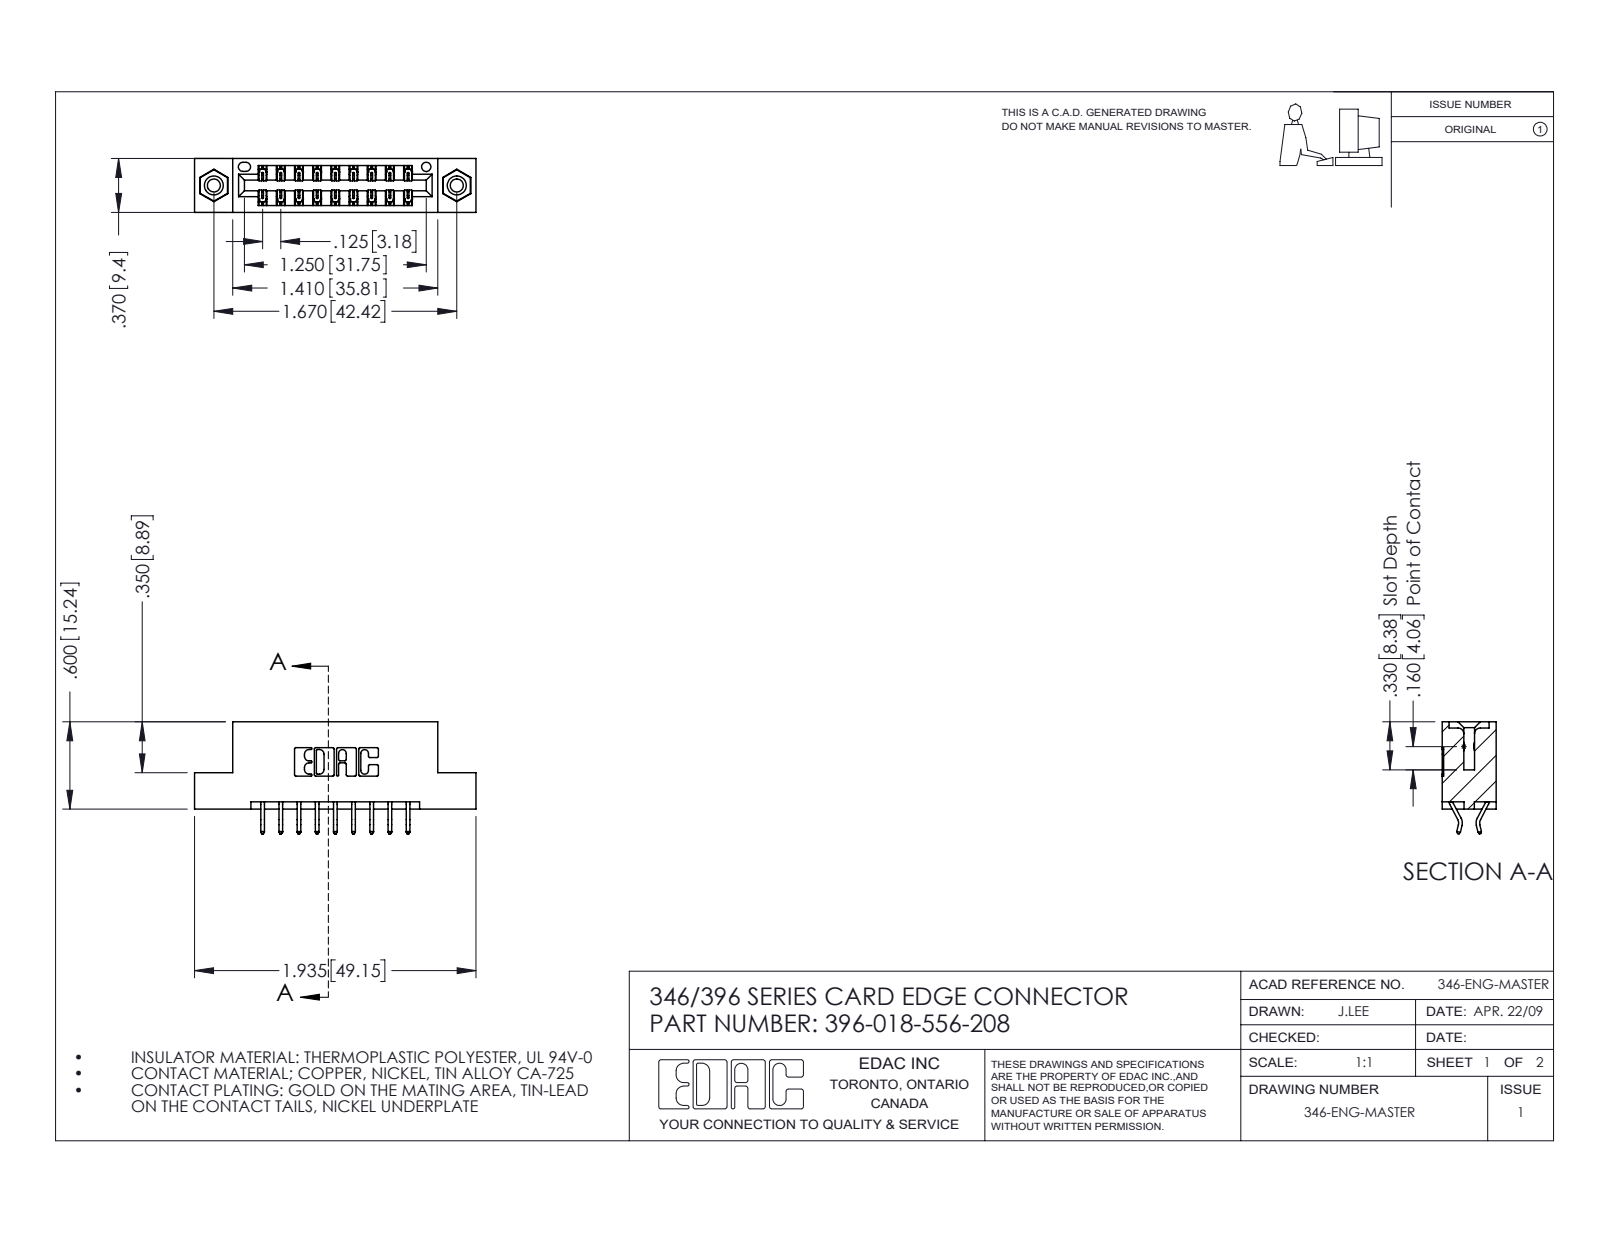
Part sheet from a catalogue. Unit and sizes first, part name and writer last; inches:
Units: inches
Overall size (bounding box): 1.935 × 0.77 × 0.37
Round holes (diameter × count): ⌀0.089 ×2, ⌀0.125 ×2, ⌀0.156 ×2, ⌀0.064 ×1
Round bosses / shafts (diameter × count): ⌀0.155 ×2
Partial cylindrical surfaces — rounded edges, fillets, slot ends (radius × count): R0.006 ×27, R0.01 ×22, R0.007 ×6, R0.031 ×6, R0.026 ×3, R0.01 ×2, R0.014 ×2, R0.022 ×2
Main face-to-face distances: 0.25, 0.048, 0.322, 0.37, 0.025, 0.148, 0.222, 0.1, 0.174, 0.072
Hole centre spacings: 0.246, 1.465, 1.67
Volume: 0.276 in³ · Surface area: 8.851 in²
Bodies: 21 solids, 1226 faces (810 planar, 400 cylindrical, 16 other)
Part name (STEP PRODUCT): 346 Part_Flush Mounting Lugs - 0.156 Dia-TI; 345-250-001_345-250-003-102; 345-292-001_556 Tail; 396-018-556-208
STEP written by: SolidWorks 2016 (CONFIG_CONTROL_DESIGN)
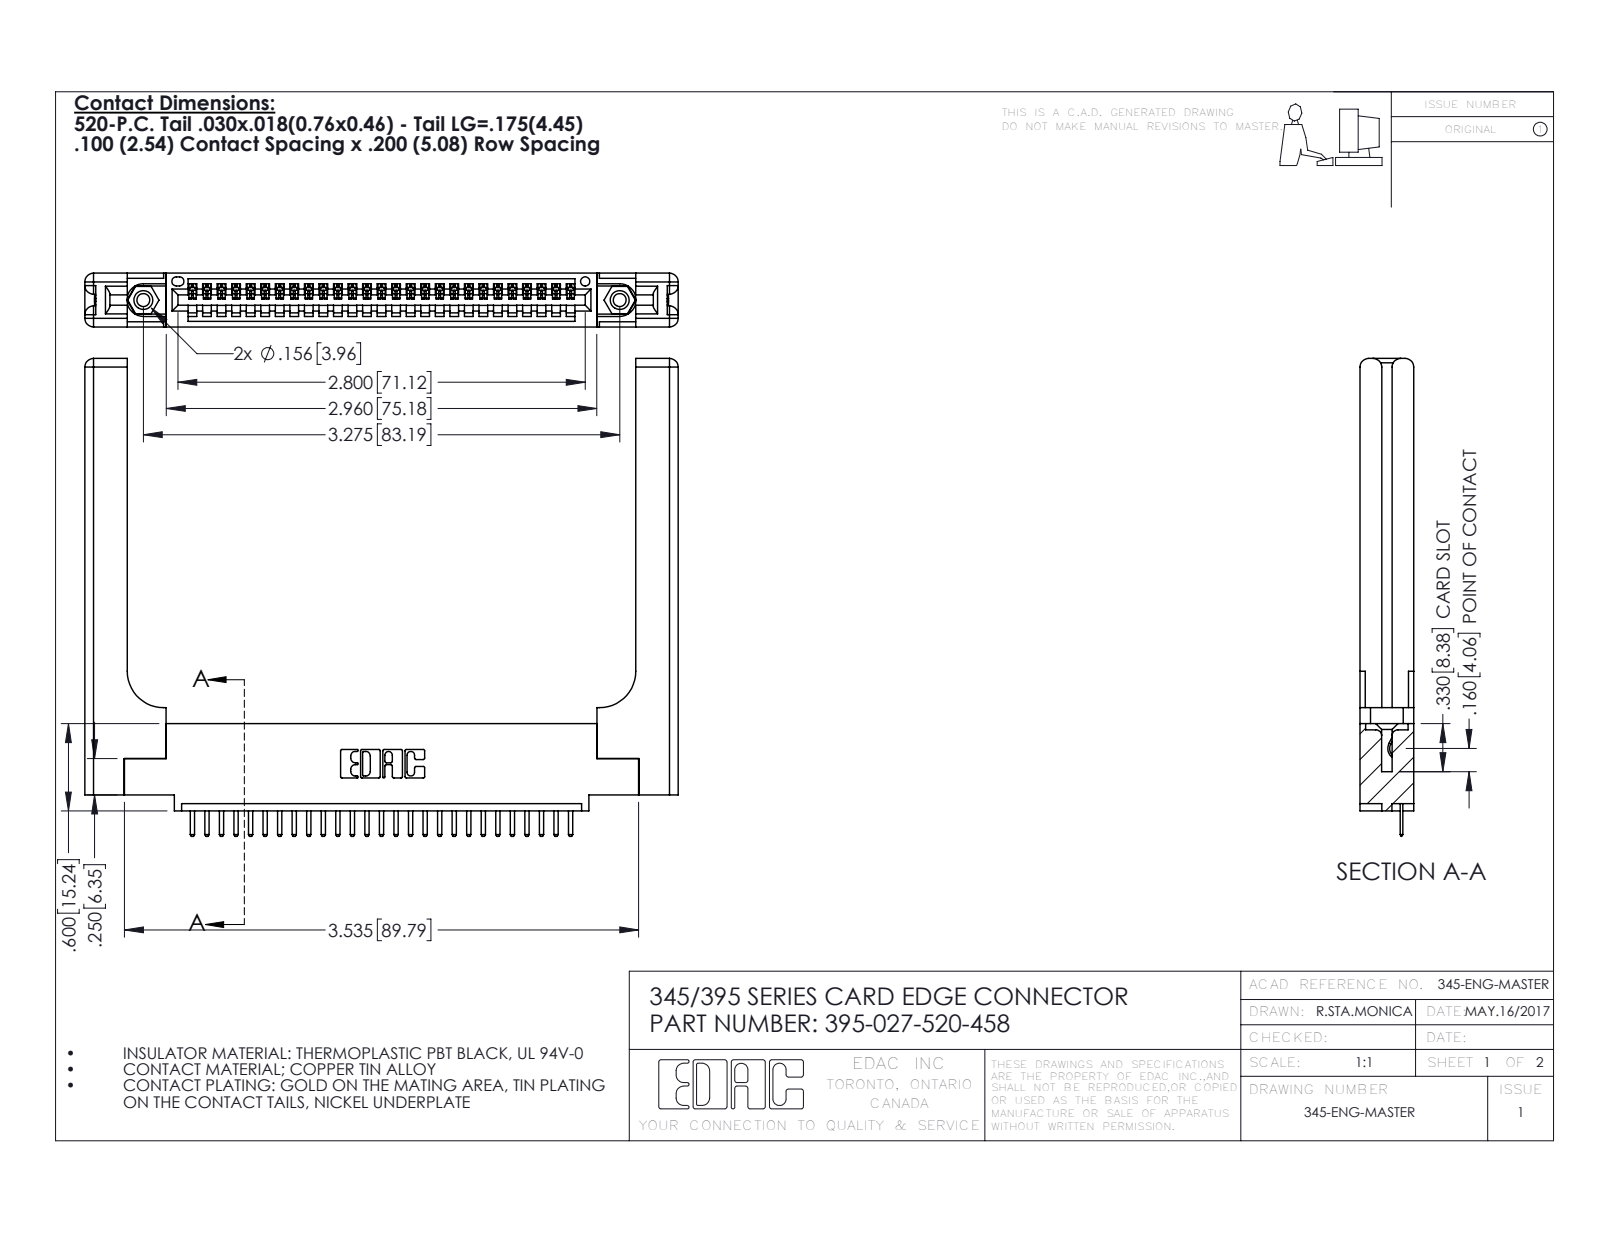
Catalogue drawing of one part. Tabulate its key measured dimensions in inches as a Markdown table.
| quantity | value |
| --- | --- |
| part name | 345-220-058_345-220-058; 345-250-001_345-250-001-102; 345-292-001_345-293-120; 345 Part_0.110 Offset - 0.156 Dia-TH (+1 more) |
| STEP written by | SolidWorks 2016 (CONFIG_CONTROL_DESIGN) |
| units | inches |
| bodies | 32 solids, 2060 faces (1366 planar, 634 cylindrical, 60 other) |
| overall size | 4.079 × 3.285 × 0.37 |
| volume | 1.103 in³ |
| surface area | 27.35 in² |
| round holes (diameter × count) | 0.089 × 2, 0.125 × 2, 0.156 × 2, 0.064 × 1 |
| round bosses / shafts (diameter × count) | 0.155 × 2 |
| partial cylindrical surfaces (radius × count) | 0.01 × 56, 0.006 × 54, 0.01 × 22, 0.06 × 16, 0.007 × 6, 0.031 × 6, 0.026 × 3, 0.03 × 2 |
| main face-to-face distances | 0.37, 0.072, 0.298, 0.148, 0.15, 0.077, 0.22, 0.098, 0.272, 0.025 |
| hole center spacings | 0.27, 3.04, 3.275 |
______________________________
— DESCRIPTION OF THE TASK —
Please output the full listing above exactly, minus any pictures.

— REPLY —
Part sheet from a catalogue. Unit and sizes first, part name and writer last; inches:
Units: inches
Overall size (bounding box): 1.935 × 0.77 × 0.37
Round holes (diameter × count): ⌀0.089 ×2, ⌀0.125 ×2, ⌀0.156 ×2, ⌀0.064 ×1
Round bosses / shafts (diameter × count): ⌀0.155 ×2
Partial cylindrical surfaces — rounded edges, fillets, slot ends (radius × count): R0.006 ×27, R0.01 ×22, R0.007 ×6, R0.031 ×6, R0.026 ×3, R0.01 ×2, R0.014 ×2, R0.022 ×2
Main face-to-face distances: 0.25, 0.048, 0.322, 0.37, 0.025, 0.148, 0.222, 0.1, 0.174, 0.072
Hole centre spacings: 0.246, 1.465, 1.67
Volume: 0.276 in³ · Surface area: 8.851 in²
Bodies: 21 solids, 1226 faces (810 planar, 400 cylindrical, 16 other)
Part name (STEP PRODUCT): 346 Part_Flush Mounting Lugs - 0.156 Dia-TI; 345-250-001_345-250-003-102; 345-292-001_556 Tail; 396-018-556-208
STEP written by: SolidWorks 2016 (CONFIG_CONTROL_DESIGN)
Catalogue drawing of one part. Tabulate its key measured dimensions in inches as a Markdown table.
| quantity | value |
| --- | --- |
| part name | 345-220-058_345-220-058; 345-250-001_345-250-001-102; 345-292-001_345-293-120; 345 Part_0.110 Offset - 0.156 Dia-TH (+1 more) |
| STEP written by | SolidWorks 2016 (CONFIG_CONTROL_DESIGN) |
| units | inches |
| bodies | 32 solids, 2060 faces (1366 planar, 634 cylindrical, 60 other) |
| overall size | 4.079 × 3.285 × 0.37 |
| volume | 1.103 in³ |
| surface area | 27.35 in² |
| round holes (diameter × count) | 0.089 × 2, 0.125 × 2, 0.156 × 2, 0.064 × 1 |
| round bosses / shafts (diameter × count) | 0.155 × 2 |
| partial cylindrical surfaces (radius × count) | 0.01 × 56, 0.006 × 54, 0.01 × 22, 0.06 × 16, 0.007 × 6, 0.031 × 6, 0.026 × 3, 0.03 × 2 |
| main face-to-face distances | 0.37, 0.072, 0.298, 0.148, 0.15, 0.077, 0.22, 0.098, 0.272, 0.025 |
| hole center spacings | 0.27, 3.04, 3.275 |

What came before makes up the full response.